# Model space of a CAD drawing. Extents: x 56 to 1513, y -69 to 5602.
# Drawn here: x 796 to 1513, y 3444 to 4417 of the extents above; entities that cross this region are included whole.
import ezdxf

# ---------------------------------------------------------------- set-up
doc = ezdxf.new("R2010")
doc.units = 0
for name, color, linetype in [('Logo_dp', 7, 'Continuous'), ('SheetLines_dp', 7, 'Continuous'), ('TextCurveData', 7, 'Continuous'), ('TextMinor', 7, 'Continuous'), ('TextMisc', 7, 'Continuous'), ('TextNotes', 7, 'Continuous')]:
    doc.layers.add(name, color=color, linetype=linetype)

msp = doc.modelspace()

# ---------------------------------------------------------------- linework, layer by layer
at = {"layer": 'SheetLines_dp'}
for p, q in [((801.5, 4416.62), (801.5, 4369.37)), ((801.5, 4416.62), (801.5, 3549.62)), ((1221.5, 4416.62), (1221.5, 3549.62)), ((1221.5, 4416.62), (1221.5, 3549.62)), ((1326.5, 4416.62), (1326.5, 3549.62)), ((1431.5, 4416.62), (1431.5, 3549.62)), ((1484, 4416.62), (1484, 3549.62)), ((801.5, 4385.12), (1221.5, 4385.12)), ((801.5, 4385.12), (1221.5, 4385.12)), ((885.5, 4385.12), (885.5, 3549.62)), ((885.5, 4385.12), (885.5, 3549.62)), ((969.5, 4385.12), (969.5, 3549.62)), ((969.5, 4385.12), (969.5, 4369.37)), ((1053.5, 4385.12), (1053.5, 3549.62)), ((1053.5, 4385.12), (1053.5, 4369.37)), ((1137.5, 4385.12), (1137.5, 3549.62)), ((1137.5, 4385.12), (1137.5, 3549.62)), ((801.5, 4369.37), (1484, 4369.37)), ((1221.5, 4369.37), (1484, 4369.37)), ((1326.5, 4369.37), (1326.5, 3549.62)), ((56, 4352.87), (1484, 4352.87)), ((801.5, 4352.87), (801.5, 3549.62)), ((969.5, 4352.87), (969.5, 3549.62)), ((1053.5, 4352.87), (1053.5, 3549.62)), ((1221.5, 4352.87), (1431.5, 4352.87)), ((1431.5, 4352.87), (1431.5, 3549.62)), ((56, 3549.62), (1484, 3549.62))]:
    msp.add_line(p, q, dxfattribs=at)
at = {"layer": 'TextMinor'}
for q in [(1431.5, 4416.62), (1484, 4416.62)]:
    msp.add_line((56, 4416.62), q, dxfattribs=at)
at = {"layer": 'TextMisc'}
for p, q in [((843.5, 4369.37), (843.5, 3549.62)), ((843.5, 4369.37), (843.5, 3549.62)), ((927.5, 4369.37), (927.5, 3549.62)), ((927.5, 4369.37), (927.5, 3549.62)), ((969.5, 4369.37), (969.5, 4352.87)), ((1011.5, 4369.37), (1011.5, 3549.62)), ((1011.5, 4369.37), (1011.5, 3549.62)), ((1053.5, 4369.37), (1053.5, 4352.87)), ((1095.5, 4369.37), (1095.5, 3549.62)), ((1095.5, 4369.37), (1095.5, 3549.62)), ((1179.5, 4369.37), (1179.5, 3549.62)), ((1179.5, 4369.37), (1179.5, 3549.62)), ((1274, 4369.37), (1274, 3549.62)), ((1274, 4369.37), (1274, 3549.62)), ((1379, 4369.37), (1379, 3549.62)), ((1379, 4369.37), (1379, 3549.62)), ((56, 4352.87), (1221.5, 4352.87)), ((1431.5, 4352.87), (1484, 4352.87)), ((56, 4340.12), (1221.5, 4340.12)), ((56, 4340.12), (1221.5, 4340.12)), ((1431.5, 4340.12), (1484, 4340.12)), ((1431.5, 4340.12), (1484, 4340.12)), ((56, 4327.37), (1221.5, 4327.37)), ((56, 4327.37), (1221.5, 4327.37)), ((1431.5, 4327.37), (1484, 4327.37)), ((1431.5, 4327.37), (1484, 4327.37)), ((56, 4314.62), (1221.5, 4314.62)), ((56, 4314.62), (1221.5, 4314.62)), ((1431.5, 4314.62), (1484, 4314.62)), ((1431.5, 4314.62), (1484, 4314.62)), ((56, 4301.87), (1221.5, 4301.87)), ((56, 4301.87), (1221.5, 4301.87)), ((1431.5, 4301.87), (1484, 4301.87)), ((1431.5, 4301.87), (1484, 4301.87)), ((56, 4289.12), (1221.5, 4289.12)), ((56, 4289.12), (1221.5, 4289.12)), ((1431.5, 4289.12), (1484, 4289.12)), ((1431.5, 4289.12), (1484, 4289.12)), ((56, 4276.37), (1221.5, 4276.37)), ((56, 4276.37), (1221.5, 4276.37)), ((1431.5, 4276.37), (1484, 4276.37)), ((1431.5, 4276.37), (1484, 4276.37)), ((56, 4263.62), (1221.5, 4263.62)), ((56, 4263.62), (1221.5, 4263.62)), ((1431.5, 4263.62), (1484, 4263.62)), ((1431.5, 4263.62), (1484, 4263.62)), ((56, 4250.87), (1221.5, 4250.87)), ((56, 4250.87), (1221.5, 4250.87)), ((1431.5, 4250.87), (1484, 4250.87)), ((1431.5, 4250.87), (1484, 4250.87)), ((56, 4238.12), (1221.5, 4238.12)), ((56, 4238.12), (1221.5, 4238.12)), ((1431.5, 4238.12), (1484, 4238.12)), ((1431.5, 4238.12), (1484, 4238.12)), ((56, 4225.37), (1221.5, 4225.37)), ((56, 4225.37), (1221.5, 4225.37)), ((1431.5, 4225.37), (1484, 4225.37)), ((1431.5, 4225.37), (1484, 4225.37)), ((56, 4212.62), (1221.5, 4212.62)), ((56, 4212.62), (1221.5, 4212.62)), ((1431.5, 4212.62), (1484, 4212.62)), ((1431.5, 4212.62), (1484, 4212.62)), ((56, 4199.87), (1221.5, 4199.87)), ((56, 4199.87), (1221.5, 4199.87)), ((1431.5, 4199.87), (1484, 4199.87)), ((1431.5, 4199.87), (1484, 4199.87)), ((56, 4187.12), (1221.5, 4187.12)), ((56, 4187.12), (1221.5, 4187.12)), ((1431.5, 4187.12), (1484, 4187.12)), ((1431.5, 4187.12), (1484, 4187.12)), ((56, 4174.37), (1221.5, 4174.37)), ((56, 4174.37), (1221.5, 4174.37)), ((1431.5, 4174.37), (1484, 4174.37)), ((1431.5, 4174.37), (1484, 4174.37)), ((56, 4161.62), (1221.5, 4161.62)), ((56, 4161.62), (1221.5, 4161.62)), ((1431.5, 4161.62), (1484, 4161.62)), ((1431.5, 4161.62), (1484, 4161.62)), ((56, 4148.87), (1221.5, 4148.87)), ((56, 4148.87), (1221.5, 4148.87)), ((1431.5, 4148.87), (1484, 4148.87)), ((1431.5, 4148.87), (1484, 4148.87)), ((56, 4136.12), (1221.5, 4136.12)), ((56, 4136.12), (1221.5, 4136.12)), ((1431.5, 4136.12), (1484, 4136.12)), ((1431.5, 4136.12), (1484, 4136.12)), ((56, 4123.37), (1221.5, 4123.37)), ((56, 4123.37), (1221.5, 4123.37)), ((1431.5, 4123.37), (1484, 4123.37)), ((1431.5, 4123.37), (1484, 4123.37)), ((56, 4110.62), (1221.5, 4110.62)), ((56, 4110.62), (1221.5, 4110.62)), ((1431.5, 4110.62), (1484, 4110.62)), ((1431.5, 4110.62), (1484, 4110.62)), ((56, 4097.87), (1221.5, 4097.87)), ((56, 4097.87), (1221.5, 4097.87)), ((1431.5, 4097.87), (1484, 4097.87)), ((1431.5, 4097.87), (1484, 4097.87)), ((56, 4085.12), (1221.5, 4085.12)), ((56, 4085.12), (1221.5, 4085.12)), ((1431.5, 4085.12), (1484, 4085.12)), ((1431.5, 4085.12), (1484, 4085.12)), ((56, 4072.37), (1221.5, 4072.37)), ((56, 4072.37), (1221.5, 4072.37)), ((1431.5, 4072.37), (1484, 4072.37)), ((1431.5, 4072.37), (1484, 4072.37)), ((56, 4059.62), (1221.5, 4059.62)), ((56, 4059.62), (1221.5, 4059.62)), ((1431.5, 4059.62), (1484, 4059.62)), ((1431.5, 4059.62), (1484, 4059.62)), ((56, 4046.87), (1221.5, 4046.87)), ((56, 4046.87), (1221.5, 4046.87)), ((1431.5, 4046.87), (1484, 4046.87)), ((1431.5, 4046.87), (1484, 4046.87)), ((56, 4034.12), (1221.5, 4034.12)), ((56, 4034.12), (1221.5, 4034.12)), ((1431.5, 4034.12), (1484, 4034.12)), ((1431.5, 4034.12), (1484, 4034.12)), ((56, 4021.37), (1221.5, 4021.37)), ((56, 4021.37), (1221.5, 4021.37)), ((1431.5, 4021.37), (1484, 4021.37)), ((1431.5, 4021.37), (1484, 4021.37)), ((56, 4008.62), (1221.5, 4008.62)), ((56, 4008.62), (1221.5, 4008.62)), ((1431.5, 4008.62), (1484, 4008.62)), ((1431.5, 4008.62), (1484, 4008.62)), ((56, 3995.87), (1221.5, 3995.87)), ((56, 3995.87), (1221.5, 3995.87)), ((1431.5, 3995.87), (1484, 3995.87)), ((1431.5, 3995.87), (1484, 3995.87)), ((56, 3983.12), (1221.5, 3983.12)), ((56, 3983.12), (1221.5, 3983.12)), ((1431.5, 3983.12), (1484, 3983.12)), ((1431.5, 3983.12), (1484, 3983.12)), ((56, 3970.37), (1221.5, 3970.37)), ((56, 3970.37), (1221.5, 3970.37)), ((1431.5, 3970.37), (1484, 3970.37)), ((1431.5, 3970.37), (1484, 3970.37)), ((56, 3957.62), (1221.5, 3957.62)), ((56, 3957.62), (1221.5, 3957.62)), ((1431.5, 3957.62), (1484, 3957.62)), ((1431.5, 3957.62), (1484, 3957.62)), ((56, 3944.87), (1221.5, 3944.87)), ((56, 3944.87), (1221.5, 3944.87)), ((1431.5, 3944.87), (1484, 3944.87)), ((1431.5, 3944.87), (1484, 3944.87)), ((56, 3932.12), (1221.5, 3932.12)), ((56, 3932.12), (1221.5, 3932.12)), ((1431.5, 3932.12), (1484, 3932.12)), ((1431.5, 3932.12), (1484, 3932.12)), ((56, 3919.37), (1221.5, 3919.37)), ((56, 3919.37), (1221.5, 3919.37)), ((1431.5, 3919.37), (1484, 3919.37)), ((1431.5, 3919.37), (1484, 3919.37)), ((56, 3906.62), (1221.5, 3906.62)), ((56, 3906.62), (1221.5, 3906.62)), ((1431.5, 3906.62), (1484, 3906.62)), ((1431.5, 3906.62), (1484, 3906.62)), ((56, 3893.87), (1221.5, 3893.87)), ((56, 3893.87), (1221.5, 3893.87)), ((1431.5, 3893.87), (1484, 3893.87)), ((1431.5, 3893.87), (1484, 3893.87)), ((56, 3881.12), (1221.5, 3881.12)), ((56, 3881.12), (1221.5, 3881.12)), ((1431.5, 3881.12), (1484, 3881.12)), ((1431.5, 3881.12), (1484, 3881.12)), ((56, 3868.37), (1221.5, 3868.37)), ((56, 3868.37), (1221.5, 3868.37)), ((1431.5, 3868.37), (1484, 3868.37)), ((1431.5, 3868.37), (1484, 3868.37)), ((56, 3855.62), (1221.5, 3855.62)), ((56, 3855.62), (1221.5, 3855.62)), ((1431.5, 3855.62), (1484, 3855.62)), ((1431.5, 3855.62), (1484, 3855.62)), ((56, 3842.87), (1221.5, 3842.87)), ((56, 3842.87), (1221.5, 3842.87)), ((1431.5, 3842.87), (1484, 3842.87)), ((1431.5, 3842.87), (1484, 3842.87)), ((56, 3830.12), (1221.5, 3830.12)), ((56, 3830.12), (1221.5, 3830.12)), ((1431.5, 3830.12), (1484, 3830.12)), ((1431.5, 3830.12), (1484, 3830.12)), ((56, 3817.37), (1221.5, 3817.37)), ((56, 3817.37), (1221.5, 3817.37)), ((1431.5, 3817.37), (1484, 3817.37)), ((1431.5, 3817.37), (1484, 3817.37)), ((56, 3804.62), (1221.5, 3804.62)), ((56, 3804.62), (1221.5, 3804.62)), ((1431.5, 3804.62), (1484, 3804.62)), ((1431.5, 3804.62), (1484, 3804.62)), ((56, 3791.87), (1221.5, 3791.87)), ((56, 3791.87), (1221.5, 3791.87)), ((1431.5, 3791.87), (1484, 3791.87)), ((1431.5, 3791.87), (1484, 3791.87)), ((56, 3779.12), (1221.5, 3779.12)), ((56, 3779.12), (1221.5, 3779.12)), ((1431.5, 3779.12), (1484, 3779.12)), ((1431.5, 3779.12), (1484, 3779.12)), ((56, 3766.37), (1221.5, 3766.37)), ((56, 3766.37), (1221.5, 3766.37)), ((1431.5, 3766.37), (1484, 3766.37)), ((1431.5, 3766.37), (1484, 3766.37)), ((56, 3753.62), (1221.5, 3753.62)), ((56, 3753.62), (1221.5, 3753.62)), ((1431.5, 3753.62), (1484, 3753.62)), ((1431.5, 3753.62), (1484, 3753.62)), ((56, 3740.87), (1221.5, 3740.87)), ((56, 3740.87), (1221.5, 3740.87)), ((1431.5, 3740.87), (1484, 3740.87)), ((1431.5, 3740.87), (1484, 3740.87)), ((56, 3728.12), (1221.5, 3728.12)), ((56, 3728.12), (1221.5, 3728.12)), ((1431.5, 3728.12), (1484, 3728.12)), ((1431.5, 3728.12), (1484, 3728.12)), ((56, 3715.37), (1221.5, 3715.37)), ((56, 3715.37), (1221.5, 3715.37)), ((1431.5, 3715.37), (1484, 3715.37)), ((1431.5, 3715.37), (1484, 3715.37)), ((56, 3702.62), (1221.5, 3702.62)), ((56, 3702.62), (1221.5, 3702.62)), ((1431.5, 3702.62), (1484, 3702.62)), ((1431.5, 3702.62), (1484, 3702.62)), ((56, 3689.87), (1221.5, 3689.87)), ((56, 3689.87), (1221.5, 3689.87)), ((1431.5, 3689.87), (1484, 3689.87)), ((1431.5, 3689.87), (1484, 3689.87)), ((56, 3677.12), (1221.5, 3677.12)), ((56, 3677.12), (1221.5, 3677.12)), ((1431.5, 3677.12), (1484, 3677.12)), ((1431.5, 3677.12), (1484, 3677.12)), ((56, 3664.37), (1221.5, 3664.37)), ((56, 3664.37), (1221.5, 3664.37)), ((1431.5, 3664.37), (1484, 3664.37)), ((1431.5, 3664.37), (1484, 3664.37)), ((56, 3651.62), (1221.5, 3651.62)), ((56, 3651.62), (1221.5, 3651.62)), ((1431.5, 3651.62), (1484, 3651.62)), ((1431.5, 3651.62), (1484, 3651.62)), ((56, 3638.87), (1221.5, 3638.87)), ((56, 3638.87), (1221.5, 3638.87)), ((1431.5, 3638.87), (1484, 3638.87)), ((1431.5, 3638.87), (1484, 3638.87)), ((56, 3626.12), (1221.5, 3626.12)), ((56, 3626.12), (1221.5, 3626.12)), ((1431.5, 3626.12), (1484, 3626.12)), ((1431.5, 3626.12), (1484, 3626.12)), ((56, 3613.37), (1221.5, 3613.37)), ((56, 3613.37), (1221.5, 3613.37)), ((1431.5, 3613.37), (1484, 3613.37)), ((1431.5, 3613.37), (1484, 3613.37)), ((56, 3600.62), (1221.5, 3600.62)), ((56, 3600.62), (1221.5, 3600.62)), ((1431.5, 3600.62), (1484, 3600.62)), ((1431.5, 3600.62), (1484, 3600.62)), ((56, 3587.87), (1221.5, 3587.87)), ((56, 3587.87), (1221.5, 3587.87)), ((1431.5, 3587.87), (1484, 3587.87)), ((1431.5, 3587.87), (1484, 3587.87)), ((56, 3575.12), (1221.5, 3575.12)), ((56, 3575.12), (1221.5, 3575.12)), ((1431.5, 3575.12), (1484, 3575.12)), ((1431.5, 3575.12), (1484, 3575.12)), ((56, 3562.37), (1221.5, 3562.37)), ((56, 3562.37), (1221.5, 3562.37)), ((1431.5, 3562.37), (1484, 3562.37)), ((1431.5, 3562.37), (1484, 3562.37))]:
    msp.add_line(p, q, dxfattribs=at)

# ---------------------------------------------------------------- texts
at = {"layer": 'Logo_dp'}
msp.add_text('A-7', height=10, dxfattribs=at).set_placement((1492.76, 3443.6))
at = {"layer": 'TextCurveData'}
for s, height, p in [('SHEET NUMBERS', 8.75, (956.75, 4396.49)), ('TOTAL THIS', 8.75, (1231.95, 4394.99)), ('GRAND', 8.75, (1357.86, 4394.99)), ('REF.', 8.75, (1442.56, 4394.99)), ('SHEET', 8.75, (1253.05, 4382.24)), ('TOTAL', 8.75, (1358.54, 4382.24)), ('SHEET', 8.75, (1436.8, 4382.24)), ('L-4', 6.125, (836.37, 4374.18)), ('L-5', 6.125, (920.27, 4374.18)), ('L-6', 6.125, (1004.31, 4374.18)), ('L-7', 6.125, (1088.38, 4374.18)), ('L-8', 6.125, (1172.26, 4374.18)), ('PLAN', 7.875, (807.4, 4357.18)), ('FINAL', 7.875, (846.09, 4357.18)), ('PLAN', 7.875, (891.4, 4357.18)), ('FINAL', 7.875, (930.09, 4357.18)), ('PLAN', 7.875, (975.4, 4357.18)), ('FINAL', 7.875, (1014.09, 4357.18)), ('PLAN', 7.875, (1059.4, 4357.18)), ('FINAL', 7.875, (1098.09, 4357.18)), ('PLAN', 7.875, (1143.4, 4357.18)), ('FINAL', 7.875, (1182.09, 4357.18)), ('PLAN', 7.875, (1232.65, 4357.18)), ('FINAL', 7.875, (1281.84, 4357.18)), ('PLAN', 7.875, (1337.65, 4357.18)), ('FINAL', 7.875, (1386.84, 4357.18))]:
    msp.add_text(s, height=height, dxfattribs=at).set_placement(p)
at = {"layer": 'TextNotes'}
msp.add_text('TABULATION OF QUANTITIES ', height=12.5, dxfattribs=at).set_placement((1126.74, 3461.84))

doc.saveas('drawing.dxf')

===============

### [Exercise objective]
Only lines with the word "TextCurveData" count here; copy every one from the records.

### [Completed task]
for name, color, linetype in [('Logo_dp', 7, 'Continuous'), ('SheetLines_dp', 7, 'Continuous'), ('TextCurveData', 7, 'Continuous'), ('TextMinor', 7, 'Continuous'), ('TextMisc', 7, 'Continuous'), ('TextNotes', 7, 'Continuous')]:
at = {"layer": 'TextCurveData'}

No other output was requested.